*Try it:*
The required output is the lines below from the line containing "#9555 = ORIENTED_EDGE" to the line containing "#11114 = CARTESIAN_POINT", inclusive, retyped exactly. No other lines belong in it.

Data entries
•••
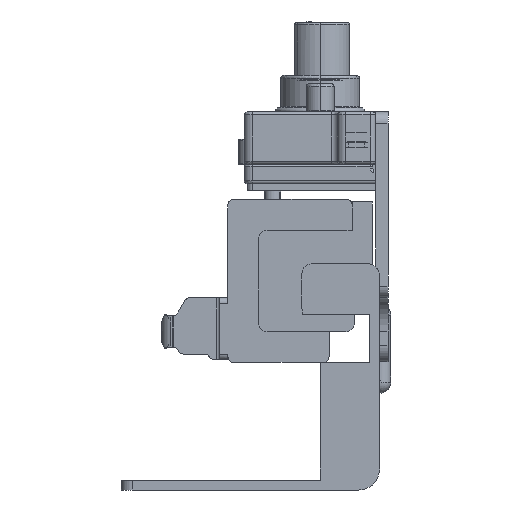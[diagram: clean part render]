
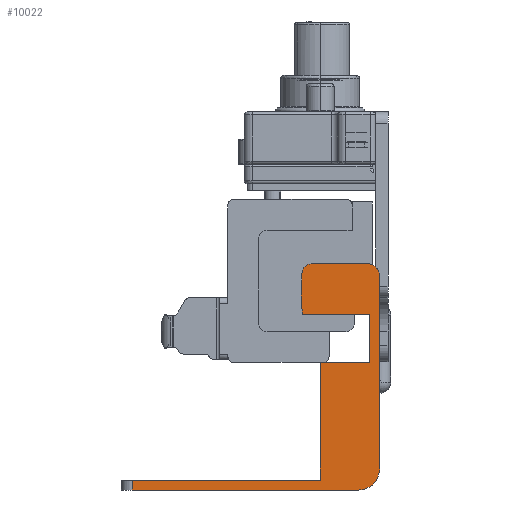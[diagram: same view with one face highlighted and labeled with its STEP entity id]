
A CAD part, left-side view. The second image highlights one B-rep face of the part: STEP entity #10022.
In plain terms, the highlighted planar face has unit normal (-1, 0, 0).
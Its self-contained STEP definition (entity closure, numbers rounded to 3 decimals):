
#54 = VERTEX_POINT ( 'NONE', #5776 ) ;
#110 = DIRECTION ( 'NONE',  ( 0., 0., -1. ) ) ;
#127 = ORIENTED_EDGE ( 'NONE', *, *, #11986, .T. ) ;
#458 = VERTEX_POINT ( 'NONE', #16526 ) ;
#469 = VECTOR ( 'NONE', #13310, 1000. ) ;
#476 = VERTEX_POINT ( 'NONE', #16461 ) ;
#521 = DIRECTION ( 'NONE',  ( 0., 0., 1. ) ) ;
#545 = DIRECTION ( 'NONE',  ( -1., 0., 0. ) ) ;
#578 = CARTESIAN_POINT ( 'NONE',  ( -242., -30.563, 57.579 ) ) ;
#926 = AXIS2_PLACEMENT_3D ( 'NONE', #9191, #8977, #8947 ) ;
#1147 = CIRCLE ( 'NONE', #926, 53. ) ;
#1173 = ORIENTED_EDGE ( 'NONE', *, *, #5533, .T. ) ;
#1194 = CARTESIAN_POINT ( 'NONE',  ( -242., 11.167, 21.319 ) ) ;
#1252 = DIRECTION ( 'NONE',  ( 0., 0., 1. ) ) ;
#1504 = VERTEX_POINT ( 'NONE', #8948 ) ;
#1641 = VECTOR ( 'NONE', #10338, 1000. ) ;
#1687 = ORIENTED_EDGE ( 'NONE', *, *, #9300, .F. ) ;
#1705 = ORIENTED_EDGE ( 'NONE', *, *, #10465, .T. ) ;
#1783 = ORIENTED_EDGE ( 'NONE', *, *, #4195, .T. ) ;
#1819 = FACE_OUTER_BOUND ( 'NONE', #3827, .T. ) ;
#2185 = CARTESIAN_POINT ( 'NONE',  ( -242., -22.263, 21.319 ) ) ;
#2455 = CIRCLE ( 'NONE', #3541, 1.5 ) ;
#2465 = VERTEX_POINT ( 'NONE', #13734 ) ;
#2596 = EDGE_CURVE ( 'NONE', #8496, #17043, #12895, .T. ) ;
#2975 = ORIENTED_EDGE ( 'NONE', *, *, #2596, .T. ) ;
#3174 = CARTESIAN_POINT ( 'NONE',  ( -242., -22.263, 42.249 ) ) ;
#3221 = EDGE_CURVE ( 'NONE', #1504, #8496, #14363, .T. ) ;
#3315 = VERTEX_POINT ( 'NONE', #7414 ) ;
#3541 = AXIS2_PLACEMENT_3D ( 'NONE', #10357, #10198, #10136 ) ;
#3647 = LINE ( 'NONE', #16770, #13446 ) ;
#3764 = VERTEX_POINT ( 'NONE', #6488 ) ;
#3827 = EDGE_LOOP ( 'NONE', ( #9555, #11843, #14229, #2975, #1173, #1783, #10419, #1687, #1705, #8712, #17726, #127, #16108, #14663, #11184 ) ) ;
#4038 = CIRCLE ( 'NONE', #11573, 2. ) ;
#4112 = LINE ( 'NONE', #17857, #14763 ) ;
#4195 = EDGE_CURVE ( 'NONE', #458, #7326, #16092, .T. ) ;
#4335 = EDGE_CURVE ( 'NONE', #12016, #9806, #4112, .T. ) ;
#4491 = VECTOR ( 'NONE', #16204, 1000. ) ;
#4633 = LINE ( 'NONE', #17490, #11622 ) ;
#5533 = EDGE_CURVE ( 'NONE', #17043, #458, #3647, .T. ) ;
#5776 = CARTESIAN_POINT ( 'NONE',  ( -242., -20.683, 59.849 ) ) ;
#6363 = VERTEX_POINT ( 'NONE', #16418 ) ;
#6488 = CARTESIAN_POINT ( 'NONE',  ( -242., 11.167, 21.319 ) ) ;
#6650 = LINE ( 'NONE', #17704, #17299 ) ;
#6696 = CARTESIAN_POINT ( 'NONE',  ( -242., -20.683, 59.836 ) ) ;
#6980 = DIRECTION ( 'NONE',  ( 0., 0., 1. ) ) ;
#6999 = DIRECTION ( 'NONE',  ( -1., 0., 0. ) ) ;
#7004 = CARTESIAN_POINT ( 'NONE',  ( -242., -20.913, 57.849 ) ) ;
#7326 = VERTEX_POINT ( 'NONE', #16889 ) ;
#7414 = CARTESIAN_POINT ( 'NONE',  ( -242., -19.343, 59.088 ) ) ;
#7622 = LINE ( 'NONE', #1194, #11720 ) ;
#8279 = LINE ( 'NONE', #15894, #4491 ) ;
#8496 = VERTEX_POINT ( 'NONE', #15447 ) ;
#8664 = EDGE_CURVE ( 'NONE', #12514, #3764, #8731, .T. ) ;
#8712 = ORIENTED_EDGE ( 'NONE', *, *, #11310, .T. ) ;
#8731 = LINE ( 'NONE', #10932, #1641 ) ;
#8948 = CARTESIAN_POINT ( 'NONE',  ( -242., 11.167, 19.549 ) ) ;
#8947 = DIRECTION ( 'NONE',  ( 0., 0., 1. ) ) ;
#8977 = DIRECTION ( 'NONE',  ( -1., 0., 0. ) ) ;
#9024 = EDGE_CURVE ( 'NONE', #1504, #3764, #7622, .T. ) ;
#9191 = CARTESIAN_POINT ( 'NONE',  ( -242., -71.913, 54.834 ) ) ;
#9300 = EDGE_CURVE ( 'NONE', #16660, #54, #8279, .T. ) ;
#9555 = ORIENTED_EDGE ( 'NONE', *, *, #8664, .T. ) ;
#9806 = VERTEX_POINT ( 'NONE', #15604 ) ;
#10022 = ADVANCED_FACE ( 'NONE', ( #1819 ), #12874, .F. ) ;
#10136 = DIRECTION ( 'NONE',  ( 0., 0., 1. ) ) ;
#10198 = DIRECTION ( 'NONE',  ( -1., 0., 0. ) ) ;
#10296 = CARTESIAN_POINT ( 'NONE',  ( -242., -32.833, 23.319 ) ) ;
#10338 = DIRECTION ( 'NONE',  ( 0., 1., 0. ) ) ;
#10357 = CARTESIAN_POINT ( 'NONE',  ( -242., -20.52, 58.159 ) ) ;
#10419 = ORIENTED_EDGE ( 'NONE', *, *, #15189, .T. ) ;
#10465 = EDGE_CURVE ( 'NONE', #16660, #3315, #4038, .T. ) ;
#10932 = CARTESIAN_POINT ( 'NONE',  ( -242., -9.313, 21.319 ) ) ;
#11065 = DIRECTION ( 'NONE',  ( 0., 0., 1. ) ) ;
#11096 = DIRECTION ( 'NONE',  ( -1., 0., 0. ) ) ;
#11114 = CARTESIAN_POINT ( 'NONE',  ( -242., -29.063, 23.319 ) ) ;
#11184 = ORIENTED_EDGE ( 'NONE', *, *, #13026, .T. ) ;
#11223 = DIRECTION ( 'NONE',  ( 0., 0., 1. ) ) ;
#11310 = EDGE_CURVE ( 'NONE', #3315, #6363, #2455, .T. ) ;
#11573 = AXIS2_PLACEMENT_3D ( 'NONE', #7004, #6999, #6980 ) ;
#11622 = VECTOR ( 'NONE', #17431, 1000. ) ;
#11640 = LINE ( 'NONE', #3174, #14872 ) ;
#11660 = LINE ( 'NONE', #13135, #469 ) ;
#11661 = EDGE_CURVE ( 'NONE', #6363, #2465, #1147, .T. ) ;
#11720 = VECTOR ( 'NONE', #1252, 1000. ) ;
#11843 = ORIENTED_EDGE ( 'NONE', *, *, #9024, .F. ) ;
#11986 = EDGE_CURVE ( 'NONE', #2465, #12016, #11660, .T. ) ;
#12016 = VERTEX_POINT ( 'NONE', #12498 ) ;
#12482 = EDGE_CURVE ( 'NONE', #476, #9806, #11640, .T. ) ;
#12498 = CARTESIAN_POINT ( 'NONE',  ( -242., -31.063, 50.849 ) ) ;
#12514 = VERTEX_POINT ( 'NONE', #2185 ) ;
#12581 = DIRECTION ( 'NONE',  ( 0., 0., 1. ) ) ;
#12611 = DIRECTION ( 'NONE',  ( 1., 0., 0. ) ) ;
#12618 = CARTESIAN_POINT ( 'NONE',  ( -242., -9.313, 2.024 ) ) ;
#12874 = PLANE ( 'NONE',  #14104 ) ;
#12895 = CIRCLE ( 'NONE', #14962, 3.77 ) ;
#13026 = EDGE_CURVE ( 'NONE', #476, #12514, #4633, .T. ) ;
#13135 = CARTESIAN_POINT ( 'NONE',  ( -242., -9.313, 50.849 ) ) ;
#13143 = AXIS2_PLACEMENT_3D ( 'NONE', #578, #545, #521 ) ;
#13310 = DIRECTION ( 'NONE',  ( 0., -1., 0. ) ) ;
#13446 = VECTOR ( 'NONE', #11223, 1000. ) ;
#13454 = DIRECTION ( 'NONE',  ( 0., 1., 0. ) ) ;
#13734 = CARTESIAN_POINT ( 'NONE',  ( -242., -19.063, 50.849 ) ) ;
#14104 = AXIS2_PLACEMENT_3D ( 'NONE', #12618, #12611, #12581 ) ;
#14229 = ORIENTED_EDGE ( 'NONE', *, *, #3221, .T. ) ;
#14271 = DIRECTION ( 'NONE',  ( 0., -1., 0. ) ) ;
#14363 = LINE ( 'NONE', #15009, #17708 ) ;
#14663 = ORIENTED_EDGE ( 'NONE', *, *, #12482, .F. ) ;
#14763 = VECTOR ( 'NONE', #110, 1000. ) ;
#14872 = VECTOR ( 'NONE', #15104, 1000. ) ;
#14962 = AXIS2_PLACEMENT_3D ( 'NONE', #11114, #11096, #11065 ) ;
#15009 = CARTESIAN_POINT ( 'NONE',  ( -242., -9.313, 19.549 ) ) ;
#15104 = DIRECTION ( 'NONE',  ( 0., -1., 0. ) ) ;
#15189 = EDGE_CURVE ( 'NONE', #7326, #54, #6650, .T. ) ;
#15447 = CARTESIAN_POINT ( 'NONE',  ( -242., -29.063, 19.549 ) ) ;
#15604 = CARTESIAN_POINT ( 'NONE',  ( -242., -31.063, 42.249 ) ) ;
#15894 = CARTESIAN_POINT ( 'NONE',  ( -242., -20.683, 2.024 ) ) ;
#16092 = CIRCLE ( 'NONE', #13143, 2.27 ) ;
#16108 = ORIENTED_EDGE ( 'NONE', *, *, #4335, .T. ) ;
#16204 = DIRECTION ( 'NONE',  ( 0., 0., 1. ) ) ;
#16418 = CARTESIAN_POINT ( 'NONE',  ( -242., -19.024, 58.256 ) ) ;
#16461 = CARTESIAN_POINT ( 'NONE',  ( -242., -22.263, 42.249 ) ) ;
#16526 = CARTESIAN_POINT ( 'NONE',  ( -242., -32.833, 57.579 ) ) ;
#16660 = VERTEX_POINT ( 'NONE', #6696 ) ;
#16770 = CARTESIAN_POINT ( 'NONE',  ( -242., -32.833, 2.024 ) ) ;
#16889 = CARTESIAN_POINT ( 'NONE',  ( -242., -30.563, 59.849 ) ) ;
#17043 = VERTEX_POINT ( 'NONE', #10296 ) ;
#17299 = VECTOR ( 'NONE', #13454, 1000. ) ;
#17431 = DIRECTION ( 'NONE',  ( 0., 0., -1. ) ) ;
#17490 = CARTESIAN_POINT ( 'NONE',  ( -242., -22.263, 2.024 ) ) ;
#17704 = CARTESIAN_POINT ( 'NONE',  ( -242., -9.313, 59.849 ) ) ;
#17708 = VECTOR ( 'NONE', #14271, 1000. ) ;
#17726 = ORIENTED_EDGE ( 'NONE', *, *, #11661, .T. ) ;
#17857 = CARTESIAN_POINT ( 'NONE',  ( -242., -31.063, 2.024 ) ) ;
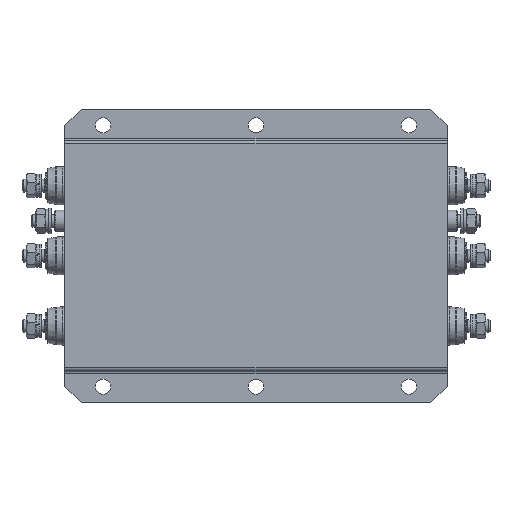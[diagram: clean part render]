
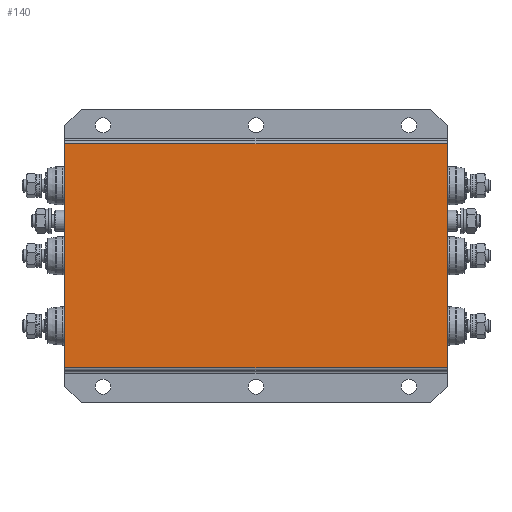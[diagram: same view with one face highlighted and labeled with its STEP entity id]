
A CAD part, top view. The second image highlights one B-rep face of the part: STEP entity #140.
In plain terms, the highlighted planar face has unit normal (0, 0, 1).
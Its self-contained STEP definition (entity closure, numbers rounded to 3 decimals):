
#73=CARTESIAN_POINT('',(150.,88.,0.0));
#74=VERTEX_POINT('',#73);
#92=CARTESIAN_POINT('',(-150.,88.0,0.0));
#93=VERTEX_POINT('',#92);
#101=CARTESIAN_POINT('',(-150.0,88.,0.0));
#102=DIRECTION('',(1.0,0.0,0.0));
#103=VECTOR('',#102,300.0);
#104=LINE('',#101,#103);
#105=EDGE_CURVE('',#93,#74,#104,.T.);
#110=CARTESIAN_POINT('',(0.0,0.,0.0));
#111=DIRECTION('',(0.0,0.0,1.0));
#112=DIRECTION('',(1.0,0.0,0.0));
#113=AXIS2_PLACEMENT_3D('',#110,#111,#112);
#114=PLANE('',#113);
#115=ORIENTED_EDGE('',*,*,#105,.F.);
#116=CARTESIAN_POINT('',(-150.,-88.,0.0));
#117=VERTEX_POINT('',#116);
#118=CARTESIAN_POINT('',(-150.,-88.,0.0));
#119=DIRECTION('',(0.0,1.0,0.0));
#120=VECTOR('',#119,176.);
#121=LINE('',#118,#120);
#122=EDGE_CURVE('',#117,#93,#121,.T.);
#123=ORIENTED_EDGE('',*,*,#122,.F.);
#124=CARTESIAN_POINT('',(150.,-88.,0.0));
#125=VERTEX_POINT('',#124);
#126=CARTESIAN_POINT('',(150.,-88.,0.0));
#127=DIRECTION('',(-1.0,0.0,0.0));
#128=VECTOR('',#127,300.0);
#129=LINE('',#126,#128);
#130=EDGE_CURVE('',#125,#117,#129,.T.);
#131=ORIENTED_EDGE('',*,*,#130,.F.);
#132=CARTESIAN_POINT('',(150.,88.,0.0));
#133=DIRECTION('',(0.0,-1.0,0.0));
#134=VECTOR('',#133,176.);
#135=LINE('',#132,#134);
#136=EDGE_CURVE('',#74,#125,#135,.T.);
#137=ORIENTED_EDGE('',*,*,#136,.F.);
#138=EDGE_LOOP('',(#115,#123,#131,#137));
#139=FACE_OUTER_BOUND('',#138,.T.);
#140=ADVANCED_FACE('',(#139),#114,.T.);
•••
*Expected answer:*
#9555 = ORIENTED_EDGE ( 'NONE', *, *, #8664, .T. ) ;
#9806 = VERTEX_POINT ( 'NONE', #15604 ) ;
#10022 = ADVANCED_FACE ( 'NONE', ( #1819 ), #12874, .F. ) ;
#10136 = DIRECTION ( 'NONE',  ( 0., 0., 1. ) ) ;
#10198 = DIRECTION ( 'NONE',  ( -1., 0., 0. ) ) ;
#10296 = CARTESIAN_POINT ( 'NONE',  ( -242., -32.833, 23.319 ) ) ;
#10338 = DIRECTION ( 'NONE',  ( 0., 1., 0. ) ) ;
#10357 = CARTESIAN_POINT ( 'NONE',  ( -242., -20.52, 58.159 ) ) ;
#10419 = ORIENTED_EDGE ( 'NONE', *, *, #15189, .T. ) ;
#10465 = EDGE_CURVE ( 'NONE', #16660, #3315, #4038, .T. ) ;
#10932 = CARTESIAN_POINT ( 'NONE',  ( -242., -9.313, 21.319 ) ) ;
#11065 = DIRECTION ( 'NONE',  ( 0., 0., 1. ) ) ;
#11096 = DIRECTION ( 'NONE',  ( -1., 0., 0. ) ) ;
#11114 = CARTESIAN_POINT ( 'NONE',  ( -242., -29.063, 23.319 ) ) ;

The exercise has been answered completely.